Thought I'd pop in and say hi :) 

me and my bf havent really decided to TTC yet but it is one of those things that we have thought about for a while. Now we think i could be without trying so i thought it perfect time to join here. i havent tested yet as were holding out 1 more week before i do.


----------



## HB

_Hi hun!
Welcome to the forum!!
Well done you for holding out on testing!
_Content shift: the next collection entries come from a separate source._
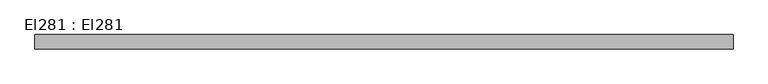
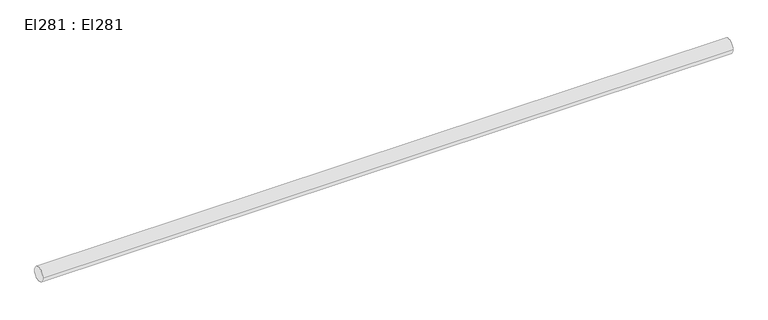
"""IFC4 building model written with IfcOpenShell, lengths in millimetres: cable carrier segment geometry, El281 : El281."""

from ifc_helpers import new_model, si_unit, point, frame, frame_2d, origin, place, context, project, spatial, circle_curve, trimmed, segment, composite_curve, outline, extrude, source, transform, mapped, element, save


def el281_el281_c1be5198(model_context):
    return source(origin(), model_context, "Body", "SweptSolid", [
        extrude(outline(composite_curve([segment(trimmed(circle_curve(frame_2d((14766.3, 2950.0)), 37.5), [point((14728.8, 2950.0))], [point((14803.8, 2950.0))], False, "CARTESIAN"), True, "CONTINUOUS"), segment(trimmed(circle_curve(frame_2d((14766.3, 2950.0)), 37.5), [point((14803.8, 2950.0))], [point((14728.8, 2950.0))], False, "CARTESIAN"), True, "CONTINUOUS")], self_intersect=False)), frame((18601.65, 0.0, 0.0), z_axis=(1.0, 0.0, 0.0), x_axis=(0.0, 1.0, 0.0)), (0.0, 0.0, 1.0), 3619.51),
    ])


if __name__ == "__main__":
    model = new_model("IFC4")
    model_context = context("Model", 3, world=origin())
    ifc_project = project(units=[si_unit("LENGTHUNIT", "METRE", prefix="MILLI")], contexts=[model_context])
    site = spatial("IfcSite", under=ifc_project)
    building = spatial("IfcBuilding", under=site)
    placement = place(None, origin())
    el281_el281_shape = el281_el281_c1be5198(model_context)
    element("IfcCableCarrierSegment", 1, ObjectType="El281 : El281", at=placement, inside=building, context=model_context, shape_type="MappedRepresentation", body=[
        mapped(el281_el281_shape, transform((0.0, 0.0, 0.0), x_axis=(1.0, 0.0, 0.0), y_axis=(0.0, 1.0, 0.0), z_axis=(0.0, 0.0, 1.0))),
    ])
    save(model, "model.ifc")
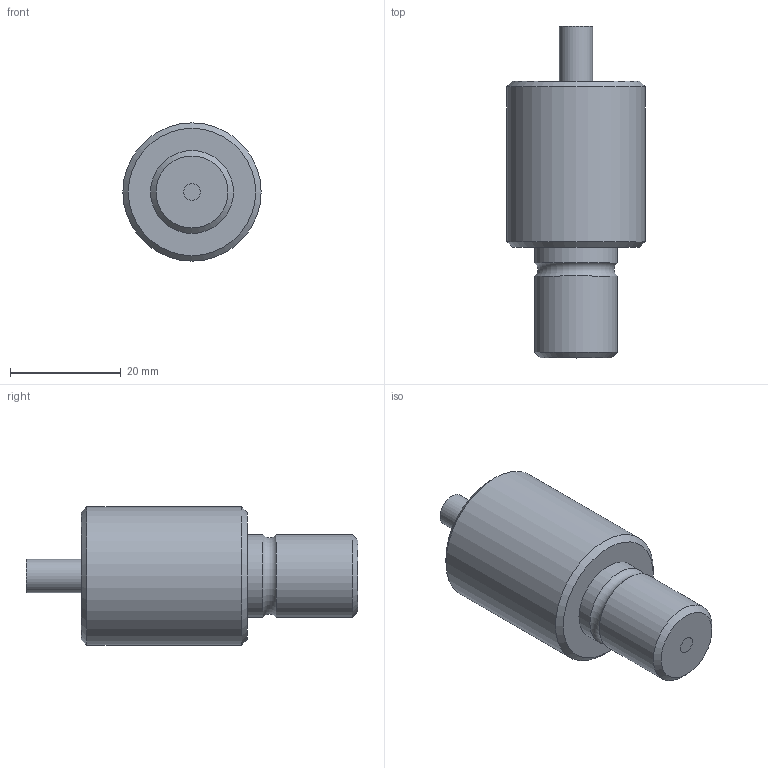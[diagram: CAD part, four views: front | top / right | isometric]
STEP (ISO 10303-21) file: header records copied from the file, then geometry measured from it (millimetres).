
FILE_DESCRIPTION(/* description */ (''),/* implementation_level */ '2;1');
FILE_NAME(/* name */ '//sv004/特品事業部/特品共通フォルダ/☆社外用データテスト/01_製品関連/0121_ライトガイド関連/3D図面/LGC1-3L 共通受光部.step',/* time_stamp */ '2022-11-01T10:28:16+09:00',/* author */ (''),/* organization */ (''),/* preprocessor_version */ 'ST-DEVELOPER v19',/* originating_system */ 'Autodesk Translation Framework v11.7.0.108',/* authorisation */ '');
FILE_SCHEMA (('AUTOMOTIVE_DESIGN { 1 0 10303 214 3 1 1 }'));
Length unit declared in the file: millimetre
Products named in the file (1): LGC1-3L 共通受光部
Bounding box: 25 x 60 x 25 mm (x, y, z)
Volume: 18398.4 mm3; surface area: 5529.9 mm2
Topology: 3 solids, 3 shells, 18 faces, 28 edges, 17 vertices
Faces by surface type: plane 7, cylinder 7, cone 3, torus 1
Full cylindrical faces by diameter (mm): 3 x3, 6 x1, 15 x2, 25 x1
Entity records: 449 total; most frequent: DIRECTION 84, CARTESIAN_POINT 64, ORIENTED_EDGE 56, AXIS2_PLACEMENT_3D 37, EDGE_CURVE 28, EDGE_LOOP 23, FACE_OUTER_BOUND 18, CIRCLE 18

I'm really bad at that!!!

xox_


----------



## dark_max

were not too fussed at the moment so putting off the test is not as hard as it sounds. i guess were both pretty laid back with it all for now.

i thought we were meant to be the excitable ones but everything its mentioned to him he gets all excited and wants me to test, lol


----------



## HB

_awww bless him!!
good that he's showing an interest though!

xox_


----------



## dark_max

he loves the whole idea. he wouldnt supprise me if he goes out buying baby clothes before i've had a positive test :?


----------



## Imi

Hiya ...

Welcome to the forum hun!!

Hope you get a BFP!! 

Imi xx


----------



## dark_max

Hi Imi

and thanks!!


----------



## Tam

Hello :hi:

Welcome to the forum!

Hope you get your BFP!! xx

:dust:


----------



## Wobbles

https://img.photobucket.com/albums/v82/wickedangelx/Morning%20Night%20Tnx%20etc/hello12.gif

& welcome to the forum ....

x


----------



## loop

hi hun i hope that u get ur bfp soon! 

And well odne on holding out i jsut cant do it i cave in


----------



## dark_max

hello to everyone thats said hi :) 

i'm crampin so bad today but its just cramps, bfs doesnt look so sure anymore, he looks kinda disappointed, not that it means anything yet.


----------



## HB

_Awww! 
What day of your cycle are you on?
I know of a few people who've had cramping early pregnancy (don't want to get your hopes up too much!)

Fingers crossed for you!

xox_


----------



## dark_max

i'm 13 days late. bf's beginning to think i'm just late but i dunno, i guess i think/hope otherwise.


----------



## HB

_I'd be proud of myself for not testing yet regardless of the result!! lol!!
(well maybe not regardless of the result!)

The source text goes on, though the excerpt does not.